Publication Date
11-1-2021
Journal
The Texas Heart Institute Journal
DOI
10.14503/THIJ-20-7223
PMID
34902024
Publication Date(s)
November 2021
Language
English
PMCID
PMC8788638
PubMedCentral® Posted Date
12-13-2021
PubMedCentral® Full Text Version
Post-Print
Published Open-Access
yes
Keywords
Diagnosis, differential; recurrence; risk factors; stress, psychological/complications/epidemiology; takotsubo cardiomyopathy/epidemiology/etiology/physiopathology; ventricular dysfunction, left/etiology/physiopathology
Copyright
This work is licensed under a Creative Commons Attribution-NonCommercial-No Derivative Works 4.0 International License.
Abstract
Recurrent takotsubo cardiomyopathy (TTC) and the clinical profiles and outcomes of patients have not been fully evaluated, nor has the effect of left ventricular ballooning pattern. After searching the medical literature for reports of patients with recurrent TTC, we identified 84 articles with 101 case descriptions. We divided the cases into those with only apical left ventricular ballooning patterns at recurrence (typical, n=60), and those with at least one midventricular or basal ballooning pattern (atypical, n=41). We then compared their clinical profiles and outcomes.

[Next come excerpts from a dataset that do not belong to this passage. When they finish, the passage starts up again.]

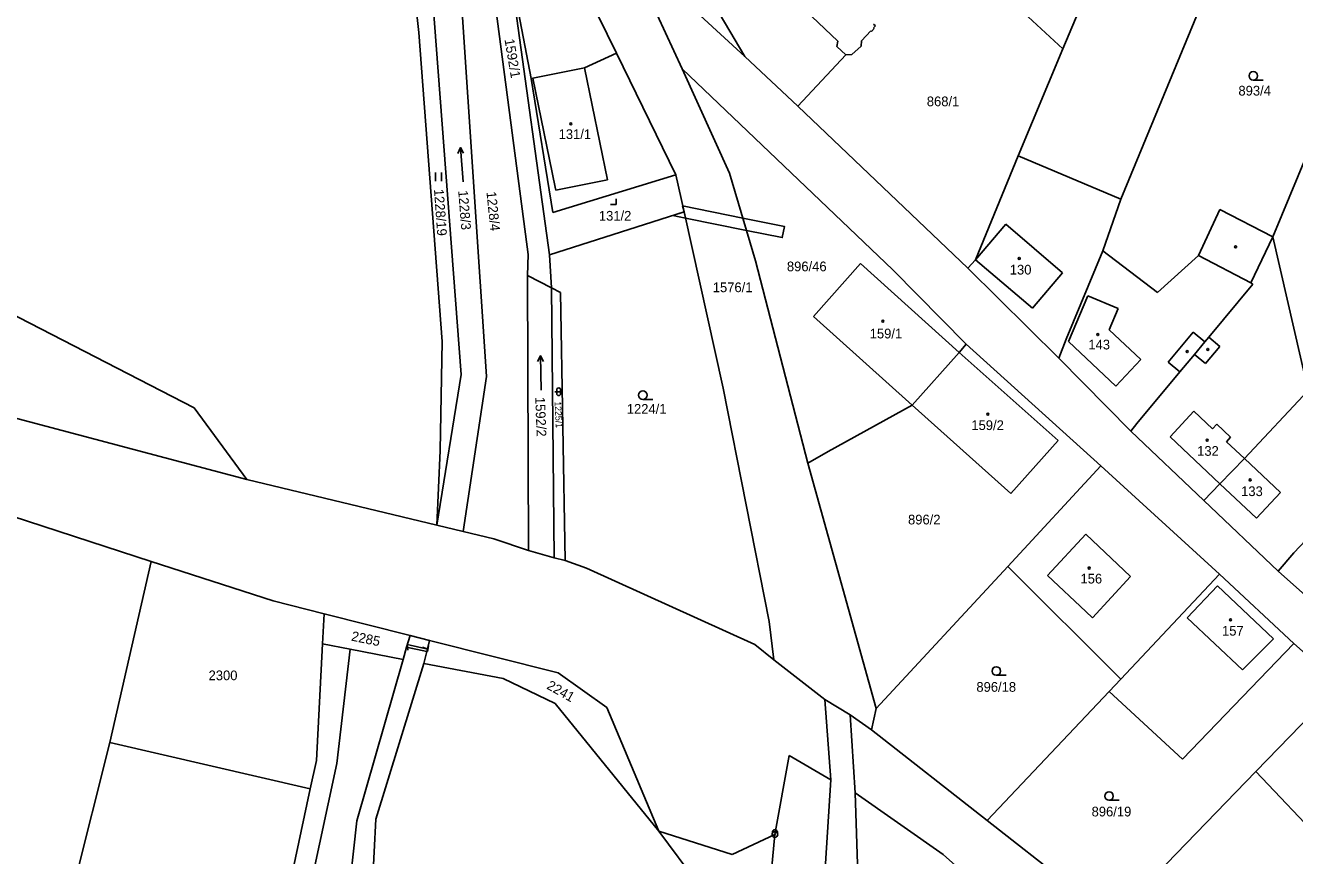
# Model space of a CAD drawing. Extents: x -801826 to -800592, y -1032871 to -1031813.
# Drawn here: x -801124.4 to -800902.2, y -1032698.5 to -1032553.2 of the extents above; entities that cross this region are included whole.
import ezdxf

# ---------------------------------------------------------------- set-up
doc = ezdxf.new("R2010")
doc.units = 0
for name, color, linetype in [('Vrstva 1', 7, 'Continuous'), ('Vrstva 18', 7, 'Continuous'), ('Vrstva 19', 7, 'Continuous'), ('Vrstva 24', 7, 'Continuous'), ('Vrstva 25', 7, 'Continuous'), ('Vrstva 26', 7, 'Continuous'), ('Vrstva 27', 7, 'Continuous'), ('Vrstva 4', 7, 'Continuous')]:
    doc.layers.add(name, color=color, linetype=linetype)

msp = doc.modelspace()

# ---------------------------------------------------------------- linework, layer by layer
at = {"layer": 'Vrstva 1'}
for p, q in [((-800932.59, -1032583.57), (-800908.24, -1032524.68)), ((-801009.42, -1032560.77), (-801019.25, -1032539.53)), ((-801020.95, -1032558.06), (-801029.77, -1032540.01)), ((-800961.62, -1032539.82), (-800942.75, -1032557.29)), ((-800906.01, -1032590.17), (-800885.17, -1032539.97)), ((-801035.88, -1032562.46), (-801039.61, -1032543.05)), ((-801039.61, -1032543.05), (-801032.64, -1032593.34)), ((-801055.52, -1032554.44), (-801056.37, -1032546.95)), ((-801048.16, -1032614.25), (-801053.17, -1032547.78)), ((-800998.43, -1032558.61), (-801010.64, -1032547.43)), ((-800998.43, -1032558.61), (-801004.92, -1032547.69)), ((-801043.7, -1032614.64), (-801048.06, -1032549.12)), ((-801036.42, -1032593.26), (-801042.02, -1032550.66)), ((-800939.42, -1032549.38), (-800942.75, -1032557.29)), ((-800975.93, -1032552.97), (-800975.6, -1032553.27)), ((-801051.47, -1032608.53), (-801055.52, -1032554.44)), ((-800976.4, -1032554.14), (-800978, -1032555.89)), ((-800976.29, -1032554.24), (-800976.4, -1032554.14)), ((-800975.79, -1032553.69), (-800976.29, -1032554.24)), ((-800975.6, -1032553.27), (-800975.9, -1032553.59)), ((-800975.9, -1032553.59), (-800975.79, -1032553.69)), ((-800978.11, -1032556.79), (-800979.74, -1032558.27)), ((-800978, -1032555.89), (-800978.11, -1032556.79)), ((-800942.75, -1032557.29), (-800950.62, -1032576.01)), ((-801026.53, -1032560.58), (-801020.95, -1032558.06)), ((-801010.57, -1032579.3), (-801020.95, -1032558.06)), ((-800989.17, -1032567.32), (-800998.43, -1032558.61)), ((-800980.79, -1032558.35), (-800989.17, -1032567.32)), ((-800979.74, -1032558.27), (-800980.79, -1032558.35)), ((-801035.58, -1032562.4), (-801026.53, -1032560.58)), ((-801009.42, -1032560.77), (-800972.52, -1032595.98)), ((-801001.17, -1032579.06), (-801009.42, -1032560.77)), ((-801035.58, -1032562.4), (-801035.88, -1032562.46)), ((-801035.88, -1032562.46), (-801032.11, -1032585.91)), ((-800959.43, -1032595.68), (-800989.17, -1032567.32)), ((-801188.33, -1032572.02), (-801094.89, -1032620.09)), ((-801094.89, -1032620.09), (-801188.33, -1032572.02)), ((-800950.62, -1032576.01), (-800958.06, -1032594.19)), ((-800950.62, -1032576.01), (-800932.59, -1032583.57)), ((-801032.11, -1032585.91), (-801010.57, -1032579.3)), ((-801009.11, -1032585.83), (-801010.57, -1032579.3)), ((-800996.58, -1032594.41), (-801001.17, -1032579.06)), ((-800932.59, -1032583.57), (-800935.76, -1032592.65)), ((-801032.64, -1032593.34), (-801009.11, -1032585.83)), ((-801002.23, -1032616.67), (-801009.11, -1032585.83)), ((-800915.25, -1032585.4), (-800919, -1032593.44)), ((-800906.01, -1032590.17), (-800915.25, -1032585.4)), ((-800909.87, -1032598.24), (-800906.01, -1032590.17)), ((-800899.82, -1032617.08), (-800906.01, -1032590.17)), ((-801271.57, -1032592.07), (-801102.43, -1032646.99)), ((-800942.18, -1032608.12), (-800935.76, -1032592.65)), ((-800935.76, -1032592.65), (-800926.21, -1032599.92)), ((-801036.53, -1032596.94), (-801036.42, -1032593.26)), ((-801032.64, -1032593.34), (-801032.29, -1032599.13)), ((-800987.43, -1032629.78), (-800996.58, -1032594.41)), ((-800986.44, -1032604.15), (-800978.19, -1032594.87)), ((-800960.91, -1032610.42), (-800978.19, -1032594.87)), ((-800958.06, -1032594.19), (-800959.43, -1032595.68)), ((-800926.21, -1032599.92), (-800919, -1032593.44)), ((-801085.65, -1032632.67), (-801218.53, -1032597.39)), ((-801218.53, -1032597.39), (-801085.65, -1032632.67)), ((-801036.53, -1032596.94), (-801032.29, -1032599.13)), ((-801036.35, -1032645.09), (-801036.53, -1032596.94)), ((-800972.52, -1032595.98), (-800959.71, -1032608.99)), ((-800943.47, -1032611.4), (-800959.43, -1032595.68)), ((-801032.29, -1032599.13), (-801031.82, -1032646.37)), ((-801032.29, -1032599.13), (-801030.73, -1032599.93)), ((-800917.22, -1032607.76), (-800909.47, -1032598.45)), ((-800909.47, -1032598.45), (-800909.87, -1032598.24)), ((-801030.73, -1032599.93), (-801029.92, -1032646.86)), ((-800969.15, -1032619.62), (-800986.44, -1032604.15)), ((-801051.83, -1032627.59), (-801051.47, -1032608.53)), ((-800943.47, -1032611.4), (-800942.18, -1032608.12)), ((-800919.71, -1032610.76), (-800917.91, -1032608.58)), ((-800917.91, -1032608.58), (-800917.22, -1032607.76)), ((-800969.15, -1032619.62), (-800960.91, -1032610.42)), ((-800959.71, -1032608.99), (-800960.91, -1032610.42)), ((-800943.56, -1032625.85), (-800960.91, -1032610.42)), ((-800936.09, -1032630.27), (-800959.71, -1032608.99)), ((-800922.26, -1032613.81), (-800919.71, -1032610.76)), ((-800930.89, -1032624.21), (-800943.47, -1032611.4)), ((-801052.4, -1032640.65), (-801048.16, -1032614.25)), ((-801047.79, -1032641.76), (-801043.7, -1032614.64)), ((-800929.79, -1032622.86), (-800922.26, -1032613.81)), ((-800994.22, -1032657.49), (-801002.23, -1032616.67)), ((-800899.82, -1032617.08), (-800910.98, -1032628.99)), ((-800969.15, -1032619.62), (-800983.85, -1032627.78)), ((-800951.86, -1032635.09), (-800969.15, -1032619.62)), ((-801094.89, -1032620.09), (-801085.65, -1032632.67)), ((-801085.65, -1032632.67), (-801094.89, -1032620.09)), ((-800930.89, -1032624.21), (-800929.79, -1032622.86)), ((-800943.56, -1032625.85), (-800951.86, -1032635.09)), ((-800918.09, -1032636.33), (-800930.89, -1032624.21)), ((-801051.83, -1032627.59), (-801052.4, -1032640.65)), ((-800983.85, -1032627.78), (-800987.43, -1032629.78)), ((-800987.43, -1032629.78), (-800975.47, -1032672.72)), ((-800952.41, -1032647.86), (-800936.09, -1032630.27)), ((-800915.36, -1032649.24), (-800936.09, -1032630.27)), ((-800915.27, -1032633.41), (-800910.98, -1032628.99)), ((-800902.29, -1032645.52), (-800888.19, -1032630.36)), ((-801052.4, -1032640.65), (-801085.65, -1032632.67)), ((-800918.09, -1032636.33), (-800915.27, -1032633.41)), ((-800905.05, -1032648.69), (-800918.09, -1032636.33)), ((-801047.79, -1032641.76), (-801052.4, -1032640.65)), ((-801042.41, -1032643.05), (-801047.79, -1032641.76)), ((-801042.41, -1032643.05), (-801036.35, -1032645.09)), ((-801031.82, -1032646.37), (-801036.35, -1032645.09)), ((-801029.92, -1032646.86), (-801031.82, -1032646.37)), ((-800905.05, -1032648.69), (-800902.29, -1032645.52)), ((-801109.69, -1032678.67), (-801102.43, -1032646.99)), ((-801102.43, -1032646.99), (-801081.07, -1032653.92)), ((-801026.19, -1032648.2), (-801029.92, -1032646.86)), ((-800996.71, -1032661.53), (-801026.19, -1032648.2)), ((-800975.47, -1032672.72), (-800952.41, -1032647.86)), ((-800952.41, -1032647.86), (-800932.64, -1032667.62)), ((-800932.64, -1032667.62), (-800915.36, -1032649.24)), ((-800902.29, -1032661.37), (-800915.36, -1032649.24)), ((-800891.41, -1032660.9), (-800905.05, -1032648.69)), ((-801081.07, -1032653.92), (-801072.12, -1032656.18)), ((-801072.4, -1032661.45), (-801072.12, -1032656.18)), ((-801072.12, -1032656.18), (-801057.08, -1032659.97)), ((-800993.37, -1032664.2), (-800994.22, -1032657.49)), ((-801073.49, -1032681.87), (-801072.4, -1032661.45)), ((-801067.58, -1032662.37), (-801072.4, -1032661.45)), ((-801057.68, -1032662), (-801057.08, -1032659.97)), ((-801057.08, -1032659.97), (-801053.66, -1032660.83)), ((-801053.66, -1032660.83), (-801054.15, -1032662.75)), ((-801053.66, -1032660.83), (-801031.12, -1032666.51)), ((-800993.37, -1032664.2), (-800996.71, -1032661.53)), ((-800921.79, -1032681.6), (-800902.29, -1032661.37)), ((-800894.26, -1032668.56), (-800902.29, -1032661.37)), ((-801069.91, -1032682.34), (-801067.58, -1032662.37)), ((-801067.58, -1032662.37), (-801058.31, -1032664.15)), ((-801066.39, -1032692.38), (-801058.31, -1032664.15)), ((-801058.31, -1032664.15), (-801057.68, -1032662)), ((-801054.15, -1032662.75), (-801054.68, -1032664.84)), ((-801054.68, -1032664.84), (-801063.09, -1032692.11)), ((-801054.68, -1032664.84), (-801040.76, -1032667.51)), ((-800984.47, -1032671.17), (-800993.37, -1032664.2)), ((-801040.76, -1032667.51), (-801031.67, -1032671.85)), ((-801031.12, -1032666.51), (-801022.63, -1032672.56)), ((-800934.63, -1032669.74), (-800932.64, -1032667.62)), ((-800908.97, -1032683.75), (-800894.26, -1032668.56)), ((-800956, -1032692.32), (-800934.63, -1032669.74)), ((-800934.63, -1032669.74), (-800921.79, -1032681.6)), ((-801031.67, -1032671.85), (-801013.5, -1032694.24)), ((-801022.63, -1032672.56), (-801013.5, -1032694.24)), ((-800980.02, -1032673.86), (-800984.47, -1032671.17)), ((-800984.47, -1032671.17), (-800983.39, -1032685.2)), ((-800976.27, -1032676.45), (-800975.47, -1032672.72)), ((-800979.16, -1032687.51), (-800980.02, -1032673.86)), ((-800980.02, -1032673.86), (-800976.27, -1032676.45)), ((-800956, -1032692.32), (-800976.27, -1032676.45)), ((-801139.8, -1032799.16), (-801109.69, -1032678.67)), ((-801109.69, -1032678.67), (-801074.55, -1032686.82)), ((-801073.49, -1032681.87), (-801074.55, -1032686.82)), ((-800993.19, -1032694.8), (-800990.72, -1032680.96)), ((-800990.72, -1032680.96), (-800983.39, -1032685.2)), ((-801080.45, -1032731.35), (-801069.91, -1032682.34)), ((-800933.97, -1032709.57), (-800908.97, -1032683.75)), ((-800908.97, -1032683.75), (-800896.63, -1032696.82)), ((-800983.39, -1032685.2), (-800986.84, -1032739.57)), ((-801074.55, -1032686.82), (-801083.96, -1032730.55)), ((-800963.73, -1032698.31), (-800979.16, -1032687.51)), ((-800979.16, -1032687.51), (-800978.56, -1032704.27)), ((-801068.16, -1032707.98), (-801066.39, -1032692.38)), ((-801063.09, -1032692.11), (-801064.82, -1032725.47)), ((-800933.97, -1032709.57), (-800956, -1032692.32)), ((-801013.5, -1032694.24), (-801005.01, -1032705.58)), ((-801013.5, -1032694.24), (-801000.67, -1032698.31)), ((-801000.67, -1032698.31), (-800993.19, -1032694.8)), ((-800993.19, -1032694.8), (-800994.97, -1032713.82)), ((-800936.91, -1032722.01), (-800963.73, -1032698.31))]:
    msp.add_line(p, q, dxfattribs=at)
at = {"layer": 'Vrstva 24'}
for radius in [0.5, 0.0364]:
    msp.add_circle((-800993.19, -1032694.8), radius, dxfattribs=at)
msp.add_arc((-800993.19, -1032694.43), 0.45, 344.4473, 196.3778, dxfattribs=at)
at = {"layer": 'Vrstva 25'}
for p, q in [((-800907.66, -1032562.77), (-800909.41, -1032562.77)), ((-801047.81, -1032580.55), (-801048.27, -1032574.57)), ((-801052.63, -1032578.92), (-801052.63, -1032580.42)), ((-801051.6, -1032580.42), (-801051.6, -1032578.92)), ((-801021.01, -1032584.53), (-801021.01, -1032583.53)), ((-801022.01, -1032584.53), (-801021.01, -1032584.53)), ((-801034.13, -1032617), (-801034.27, -1032611)), ((-801031.73, -1032617.29), (-801030.39, -1032617.29)), ((-801031.4, -1032617.62), (-801031.4, -1032616.96)), ((-801030.72, -1032617.62), (-801030.72, -1032616.96)), ((-801014.57, -1032618.63), (-801016.32, -1032618.63)), ((-800952.67, -1032666.93), (-800954.42, -1032666.93)), ((-800932.93, -1032688.81), (-800934.68, -1032688.81))]:
    msp.add_line(p, q, dxfattribs=at)
for points in [[(-801048.69, -1032575.6), (-801048.27, -1032574.57), (-801047.7, -1032575.53)], [(-801034.74, -1032612.01), (-801034.27, -1032611), (-801033.74, -1032611.99)]]:
    msp.add_lwpolyline(points, dxfattribs=at)
for centre, radius in [((-800909.41, -1032562.02), 0.75), ((-801028.94, -1032570.38), 0.175), ((-800912.51, -1032591.94), 0.175), ((-800950.39, -1032593.97), 0.175), ((-800974.27, -1032604.96), 0.175), ((-800936.65, -1032607.28), 0.175), ((-800920.98, -1032610.27), 0.175), ((-800917.39, -1032609.89), 0.175), ((-801016.32, -1032617.88), 0.75), ((-800955.89, -1032621.22), 0.175), ((-800917.48, -1032625.78), 0.175), ((-800909.98, -1032632.74), 0.175), ((-800938.16, -1032648.15), 0.175), ((-800913.39, -1032657.24), 0.175), ((-800954.42, -1032666.18), 0.75), ((-800934.68, -1032688.06), 0.75)]:
    msp.add_circle(centre, radius, dxfattribs=at)
for centre, start, end in [((-801031.06, -1032616.96), 0, 180), ((-801031.06, -1032617.62), 180, 0)]:
    msp.add_arc(centre, 0.335, start, end, dxfattribs=at)
at = {"layer": 'Vrstva 26'}
for p, q in [((-801057.6, -1032661.54), (-801057.47, -1032662.53)), ((-801054.04, -1032662.77), (-801053.84, -1032661.79)), ((-801057.7, -1032662), (-801056.72, -1032662.21)), ((-801053.97, -1032662.37), (-801054.89, -1032661.98))]:
    msp.add_line(p, q, dxfattribs=at)
at = {"layer": 'Vrstva 27'}
for points in [[(-801008.87, -1032586.91), (-801011.07, -1032586.47), (-801011.07, -1032586.45), (-801009.11, -1032585.83), (-801008.87, -1032586.91)], [(-801009.35, -1032584.77), (-800998.83, -1032586.89), (-800998.18, -1032589.06), (-801008.87, -1032586.91), (-801009.11, -1032585.83), (-801009.35, -1032584.77)], [(-800998.83, -1032586.89), (-800991.52, -1032588.36), (-800991.91, -1032590.32), (-800998.18, -1032589.06), (-800998.83, -1032586.89)]]:
    msp.add_lwpolyline(points, dxfattribs=at)
at = {"layer": 'Vrstva 4'}
for p, q in [((-800989.02, -1032549.47), (-800982.17, -1032555.91)), ((-800982.32, -1032556.85), (-800982.17, -1032555.91)), ((-800980.79, -1032558.35), (-800982.32, -1032556.85)), ((-801026.53, -1032560.58), (-801022.5, -1032580.2)), ((-801031.69, -1032581.46), (-801035.58, -1032562.4)), ((-801031.69, -1032581.46), (-801031.57, -1032582.04)), ((-801031.57, -1032582.04), (-801022.5, -1032580.2)), ((-800958.06, -1032594.19), (-800952.75, -1032587.95)), ((-800952.75, -1032587.95), (-800942.83, -1032596.51)), ((-800948.09, -1032602.67), (-800958.06, -1032594.19)), ((-800919, -1032593.44), (-800909.87, -1032598.24)), ((-800942.83, -1032596.51), (-800948.09, -1032602.67)), ((-800941.78, -1032608.5), (-800938.4, -1032600.51)), ((-800933.1, -1032602.75), (-800938.4, -1032600.51)), ((-800934.66, -1032606.47), (-800933.1, -1032602.75)), ((-800941.78, -1032608.5), (-800933.46, -1032616.3)), ((-800929.12, -1032611.67), (-800934.66, -1032606.47)), ((-800924.3, -1032612.11), (-800919.95, -1032606.89)), ((-800919.95, -1032606.89), (-800917.91, -1032608.58)), ((-800915.3, -1032609.36), (-800917.22, -1032607.76)), ((-800919.71, -1032610.76), (-800917.79, -1032612.35)), ((-800917.79, -1032612.35), (-800915.3, -1032609.36)), ((-800933.46, -1032616.3), (-800929.12, -1032611.67)), ((-800922.26, -1032613.81), (-800924.3, -1032612.11)), ((-800919.81, -1032620.72), (-800924, -1032625.19)), ((-800916.55, -1032623.77), (-800919.81, -1032620.72)), ((-800915.79, -1032622.97), (-800916.55, -1032623.77)), ((-800913.38, -1032625.23), (-800915.79, -1032622.97)), ((-800915.27, -1032633.41), (-800924, -1032625.19)), ((-800914.13, -1032626.04), (-800913.38, -1032625.23)), ((-800910.98, -1032628.99), (-800914.13, -1032626.04)), ((-800910.98, -1032628.99), (-800904.64, -1032634.93)), ((-800908.83, -1032639.4), (-800915.27, -1032633.41)), ((-800904.64, -1032634.93), (-800908.83, -1032639.4)), ((-800945.43, -1032649.45), (-800938.74, -1032642.24)), ((-800938.74, -1032642.24), (-800930.9, -1032649.61)), ((-800945.43, -1032649.45), (-800938.75, -1032655.77)), ((-800937.57, -1032656.86), (-800930.9, -1032649.61)), ((-800920.97, -1032656.87), (-800915.7, -1032651.28)), ((-800915.7, -1032651.28), (-800905.9, -1032660.52)), ((-800938.75, -1032655.77), (-800937.57, -1032656.86)), ((-800911.32, -1032665.97), (-800920.97, -1032656.87)), ((-801057.7, -1032662), (-801057.6, -1032661.54)), ((-801057.6, -1032661.54), (-801053.97, -1032662.37)), ((-800905.9, -1032660.52), (-800911.32, -1032665.97)), ((-801057.7, -1032662), (-801057.68, -1032662)), ((-801057.68, -1032662), (-801054.15, -1032662.75)), ((-801054.15, -1032662.75), (-801054.04, -1032662.77)), ((-801053.97, -1032662.37), (-801054.04, -1032662.77))]:
    msp.add_line(p, q, dxfattribs=at)

# ---------------------------------------------------------------- texts
at = {"layer": 'Vrstva 18'}
for s, height, rotation, p in [('1592/1', 1.7, 279.5742, (-801040.55, -1032555.65)), ('1228/19', 1.7, 274.1297, (-801052.9, -1032581.87)), ('1228/3', 1.7, 274.6534, (-801048.66, -1032582.11)), ('1228/4', 1.7, 275.7824, (-801043.71, -1032582.33)), ('1592/2', 1.7, 272.1986, (-801035.17, -1032618.24)), ('1225/1', 1.14, 272.8804, (-801031.78, -1032619.01)), ('2285', 1.7, 348.3583, (-801067.47, -1032660.84)), ('2241', 1.7, 330.654, (-801033.3, -1032669.2))]:
    msp.add_text(s, height=height, rotation=rotation, dxfattribs=at).set_placement(p)
for s, p in [('893/4', (-800912.02, -1032565.45)), ('868/1', (-800966.59, -1032567.32)), ('896/46', (-800991.09, -1032596.21)), ('1576/1', (-801004.07, -1032599.87)), ('1224/1', (-801019.13, -1032621.15)), ('896/2', (-800969.88, -1032640.52)), ('2300', (-801092.37, -1032667.79)), ('896/18', (-800957.91, -1032669.81)), ('896/19', (-800937.73, -1032691.63))]:
    msp.add_text(s, height=1.7, dxfattribs=at).set_placement(p)
at = {"layer": 'Vrstva 19'}
for s, p in [('131/1', (-801031.07, -1032573.06)), ('131/2', (-801024.02, -1032587.35)), ('130', (-800952.06, -1032596.78)), ('159/1', (-800976.59, -1032607.96)), ('143', (-800938.3, -1032609.89)), ('159/2', (-800958.79, -1032624)), ('132', (-800919.25, -1032628.51)), ('133', (-800911.55, -1032635.56)), ('156', (-800939.68, -1032650.86)), ('157', (-800914.89, -1032659.98))]:
    msp.add_text(s, height=1.7, dxfattribs=at).set_placement(p)

doc.saveas('drawing.dxf')

The groups were similar in terms of baseline demographic characteristics, presence and types of triggers, use of heart failure medications at TTC recurrence, electrocardiographic changes at presentation, initial left ventricular ejection fractions, timespans between recurrent TTC episodes, and recovery times after each event. However, patients in the atypical group had significantly fewer severe adverse events (cardiogenic shock and cardiac arrest) than did those in the typical group, with an estimated 63% lower odds (adjusted odds ratio=0.37; 95% CI, 0.14–0.97; P=0.039). Survival to hospital discharge was statistically similar but lower in the typical group (n=53; 88.3%) than in the atypical group (n=24; 96%).
Our results suggest that left ventricular ballooning patterns influence clinical outcomes, and that outcomes are more favorable in patients with recurrent TTC who have atypical left ventricular ballooning patterns.